Djyango Todo-app Deployment In Kubernetes
I have written this article for college miniproject.
PROBLEM STATEMENT
Here we are deploying the Todo app using GitHub, Docker, and AWS in Kubernetes.
DETAILED REQUIREMENT
Dockerfile
Docker-Image
AWS credential
AWS CLI
Deployment. yaml
Service. yaml
SOFTWARE TOOL USED
- Github
GitHub is a web-based platform that provides a hosting service for Git repositories. It allows individuals and teams to collaborate on projects by providing version control functionality and tools for managing code repositories.
- Docker
Docker is an open-source platform that enables developers to automate the deployment and management of applications within lightweight, isolated containers
- Docker Registry
A Docker registry is a central repository for storing and distributing Docker images..
- AWS
AWS stands for Amazon Web Services. It is a comprehensive cloud computing platform provided by Amazon.
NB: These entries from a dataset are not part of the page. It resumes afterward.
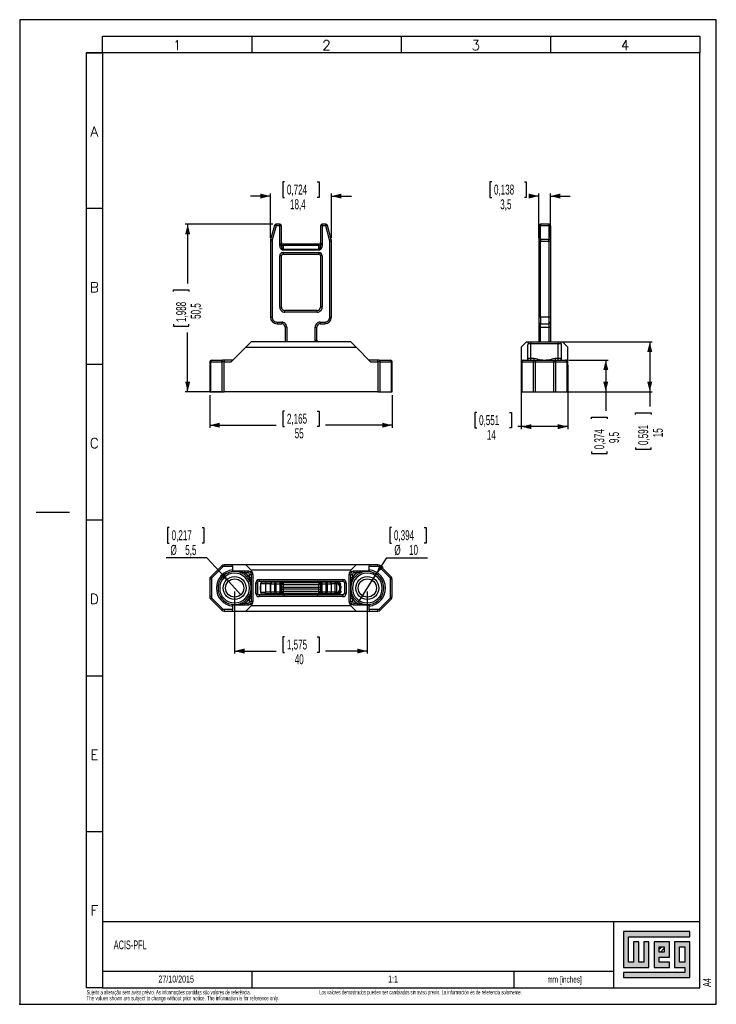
# Model space of a CAD drawing. Extents: x 0 to 210, y 0 to 297.
import ezdxf

# ---------------------------------------------------------------- set-up
doc = ezdxf.new("R2010")
doc.units = 0
doc.header["$PDSIZE"] = -1
doc.layers.get('0').update_dxf_attribs({"linetype": 'CONTINUOUS'})
doc.styles.add('SLDTEXTSTYLE0', font='ROMANS')
doc.styles.add('SLDTEXTSTYLE1', font='TXT', dxfattribs={"width": 0.605})
doc.styles.add('SLDTEXTSTYLE2', font='TXT', dxfattribs={"width": 0.569583})
doc.dimstyles.new('SLDDIMSTYLE0', dxfattribs={"dimtxt": 3, "dimasz": 3, "dimexe": 0, "dimexo": 0.0625, "dimgap": 0.75, "dimtad": 0, "dimrnd": 1e-09, "dimzin": 12, "dimtxsty": 'SLDTEXTSTYLE1', "dimsah": 1, "dimcen": 0.09, "dimazin": 3, "dimtfac": 1, "dimtdec": 3, "dimtofl": 0, "dimtmove": 0, "dimatfit": 3, "dimtolj": 1, "dimtzin": 12})
doc.dimstyles.new('SLDDIMSTYLE1', dxfattribs={"dimtxt": 3, "dimasz": 3, "dimexe": 0, "dimexo": 0.0625, "dimgap": 0.75, "dimtad": 0, "dimtih": 1, "dimtoh": 1, "dimrnd": 1e-09, "dimzin": 12, "dimtxsty": 'SLDTEXTSTYLE1', "dimblk1": 'NONE', "dimsah": 1, "dimcen": 0, "dimazin": 3, "dimtfac": 1, "dimtdec": 3, "dimtmove": 0, "dimatfit": 3, "dimtolj": 1, "dimtzin": 12})
doc.dimstyles.new('SLDDIMSTYLE2', dxfattribs={"dimtxt": 3, "dimasz": 3, "dimexe": 0, "dimexo": 0.0625, "dimgap": 0.75, "dimtad": 0, "dimtih": 1, "dimtoh": 1, "dimrnd": 1e-09, "dimzin": 12, "dimtxsty": 'SLDTEXTSTYLE1', "dimblk1": 'NONE', "dimsah": 1, "dimcen": 0, "dimazin": 3, "dimtfac": 1, "dimtdec": 3, "dimtmove": 0, "dimatfit": 3, "dimtolj": 1, "dimtzin": 12})
doc.dimstyles.new('SLDDIMSTYLE3', dxfattribs={"dimtxt": 3, "dimasz": 3, "dimexe": 0, "dimexo": 0.0625, "dimgap": 0.75, "dimtad": 0, "dimrnd": 1e-09, "dimzin": 12, "dimtxsty": 'SLDTEXTSTYLE1', "dimsah": 1, "dimcen": 0.09, "dimazin": 3, "dimtfac": 1, "dimtdec": 3, "dimtmove": 0, "dimatfit": 3, "dimtolj": 1, "dimtzin": 12})

# ---------------------------------------------------------------- blocks, each defined once
blk = doc.blocks.new('SW_NOTE_0')
at = {"color": 0, "linetype": 'CONTINUOUS', "attachment_point": 1}
for s, insert, char_height, style in [('The values shown are subject to change without prior notice. The information is for reference only.', (0, -0.06), 1.3229, 'SLDTEXTSTYLE1'), ('Sujeito a alteração sem aviso prévio. As informações contidas são valores de referência.                                                           Los valores demostrados pueden ser cambiados sin aviso previo. La información és de referencia solamente.', (0, 1.71), 1.32292, 'SLDTEXTSTYLE2')]:
    blk.add_mtext(s, dxfattribs=dict(at, insert=insert, char_height=char_height, style=style))
blk = doc.blocks.new('_D')
at = {"color": 7, "linetype": 'CONTINUOUS'}
for p, q in [((64.79, 124.56), (64.79, 105.81)), ((104.79, 124.56), (104.79, 105.81)), ((79.86, 110.82), (79.29, 110.82)), ((79.29, 110.82), (79.29, 106.16)), ((89.72, 110.82), (90.29, 110.82)), ((90.29, 110.82), (90.29, 106.16)), ((64.79, 106.56), (77.36, 106.56)), ((79.29, 106.16), (79.86, 106.16)), ((90.29, 106.16), (89.72, 106.16)), ((104.79, 106.56), (92.21, 106.56))]:
    blk.add_line(p, q, dxfattribs=at)
for points in [[(64.79, 106.56), (67.79, 105.81), (67.79, 107.31)], [(104.79, 106.56), (101.79, 107.31), (101.79, 105.81)]]:
    blk.add_solid(points, dxfattribs=at)
at = {"color": 7, "linetype": 'CONTINUOUS', "char_height": 3, "attachment_point": 1, "style": 'SLDTEXTSTYLE1'}
for s, insert in [('1,575', (80.56, 110.03)), ('40', (82.91, 105.59))]:
    blk.add_mtext(s, dxfattribs=dict(at, insert=insert))
blk = doc.blocks.new('_D_1')
at = {"color": 7, "linetype": 'CONTINUOUS'}
for p, q in [((45.1, 143.8), (44.54, 143.8)), ((44.54, 143.8), (44.54, 139.14)), ((54.97, 143.8), (55.53, 143.8)), ((55.53, 143.8), (55.53, 139.14)), ((44.54, 139.14), (45.1, 139.14)), ((55.53, 139.14), (54.97, 139.14)), ((56.45, 134.71), (44.11, 134.71)), ((62.94, 127.6), (56.45, 134.71)), ((66.64, 123.53), (62.94, 127.6))]:
    blk.add_line(p, q, dxfattribs=at)
blk.add_solid([(62.94, 127.6), (61.47, 130.32), (60.36, 129.31)], dxfattribs=at)
at = {"color": 7, "linetype": 'CONTINUOUS', "char_height": 3, "attachment_point": 1, "style": 'SLDTEXTSTYLE1'}
for s, insert in [('0,217', (45.8, 143)), ('%%c', (45.47, 138.57)), ('5,5', (49.9, 138.57))]:
    blk.add_mtext(s, dxfattribs=dict(at, insert=insert))
blk = doc.blocks.new('_NONE')
blk = doc.blocks.new('_D_2')
at = {"color": 7, "linetype": 'CONTINUOUS'}
for p, q in [((112.11, 143.8), (111.55, 143.8)), ((111.55, 143.8), (111.55, 139.14)), ((121.98, 143.8), (122.54, 143.8)), ((122.54, 143.8), (122.54, 139.14)), ((111.55, 139.14), (112.11, 139.14)), ((122.54, 139.14), (121.98, 139.14)), ((107.48, 129.78), (110.63, 134.71)), ((110.63, 134.71), (122.97, 134.71)), ((102.1, 121.35), (107.48, 129.78))]:
    blk.add_line(p, q, dxfattribs=at)
blk.add_solid([(107.48, 129.78), (109.73, 131.9), (108.46, 132.71)], dxfattribs=at)
at = {"color": 7, "linetype": 'CONTINUOUS', "char_height": 3, "attachment_point": 1, "style": 'SLDTEXTSTYLE1'}
for s, insert in [('0,394', (112.82, 143)), ('%%c', (112.95, 138.57)), ('10', (117.38, 138.57))]:
    blk.add_mtext(s, dxfattribs=dict(at, insert=insert))
blk = doc.blocks.new('_D_3')
at = {"color": 7, "linetype": 'CONTINUOUS'}
for p, q in [((57.29, 183.79), (57.29, 173.93)), ((112.29, 183.79), (112.29, 173.93)), ((79.86, 178.95), (79.29, 178.95)), ((79.29, 178.95), (79.29, 174.28)), ((89.72, 178.95), (90.29, 178.95)), ((90.29, 178.95), (90.29, 174.28)), ((57.29, 174.68), (77.36, 174.68)), ((79.29, 174.28), (79.86, 174.28)), ((90.29, 174.28), (89.72, 174.28)), ((112.29, 174.68), (92.21, 174.68))]:
    blk.add_line(p, q, dxfattribs=at)
for points in [[(57.29, 174.68), (60.29, 173.93), (60.29, 175.43)], [(112.29, 174.68), (109.29, 175.43), (109.29, 173.93)]]:
    blk.add_solid(points, dxfattribs=at)
at = {"color": 7, "linetype": 'CONTINUOUS', "char_height": 3, "attachment_point": 1, "style": 'SLDTEXTSTYLE1'}
for s, insert in [('2,165', (80.56, 178.15)), ('55', (82.91, 173.72))]:
    blk.add_mtext(s, dxfattribs=dict(at, insert=insert))
blk = doc.blocks.new('_D_4')
at = {"color": 7, "linetype": 'CONTINUOUS'}
for p, q in [((76.27, 235.29), (49.88, 235.29)), ((50.63, 235.29), (50.63, 217.47)), ((46.36, 214.98), (46.36, 215.54)), ((46.36, 215.54), (51.03, 215.54)), ((51.03, 215.54), (51.03, 214.98)), ((46.36, 205.11), (46.36, 204.54)), ((51.03, 204.54), (51.03, 205.11)), ((46.36, 204.54), (51.03, 204.54)), ((50.63, 184.79), (50.63, 202.62)), ((60.6, 184.79), (49.88, 184.79))]:
    blk.add_line(p, q, dxfattribs=at)
for points in [[(50.63, 235.29), (49.88, 232.29), (51.38, 232.29)], [(50.63, 184.79), (51.38, 187.79), (49.88, 187.79)]]:
    blk.add_solid(points, dxfattribs=at)
at = {"color": 7, "linetype": 'CONTINUOUS', "char_height": 3, "attachment_point": 1, "rotation": 90, "style": 'SLDTEXTSTYLE1'}
for s, insert in [('1,988', (47.16, 205.81)), ('50,5', (51.59, 206.75))]:
    blk.add_mtext(s, dxfattribs=dict(at, insert=insert))
blk = doc.blocks.new('_D_5')
at = {"color": 7, "linetype": 'CONTINUOUS'}
for p, q in [((79.86, 248.06), (79.29, 248.06)), ((79.29, 248.06), (79.29, 243.39)), ((89.72, 248.06), (90.29, 248.06)), ((90.29, 248.06), (90.29, 243.39)), ((75.59, 243.79), (69.59, 243.79)), ((75.59, 231.18), (75.59, 244.54)), ((93.99, 231.18), (93.99, 244.54)), ((93.99, 243.79), (99.99, 243.79)), ((79.29, 243.39), (79.86, 243.39)), ((90.29, 243.39), (89.72, 243.39))]:
    blk.add_line(p, q, dxfattribs=at)
for points in [[(75.59, 243.79), (72.59, 244.54), (72.59, 243.04)], [(93.99, 243.79), (96.99, 243.04), (96.99, 244.54)]]:
    blk.add_solid(points, dxfattribs=at)
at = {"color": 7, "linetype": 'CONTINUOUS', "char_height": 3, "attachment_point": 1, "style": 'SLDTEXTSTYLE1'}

AWS offers a broad range of cloud services and solutions.
- Minikube
Minikube is a tool that allows you to run a single-node Kubernetes cluster locally on your machine.
TOTAL MAN HOUR AND WORK
After solving lots of errors and I came up with a DevOps project for the Todo-app Deployment in Kubernetes. It took around 30 hours means around 8 to 10 days.
PROPOSED SOLUTION, DESIGN, IMPLEMENTATION AND CODE
- CREATE DOCKER FILE
FROM python:3
RUN pip install django==3.2
COPY . .
RUN python manage.py migrate
EXPOSE 8001
CMD ["python","manage.py","runserver","0.0.0.0:8001"]
- Build the Docker image.
Use the docker build
command to build the Docker image from the Dockerfile.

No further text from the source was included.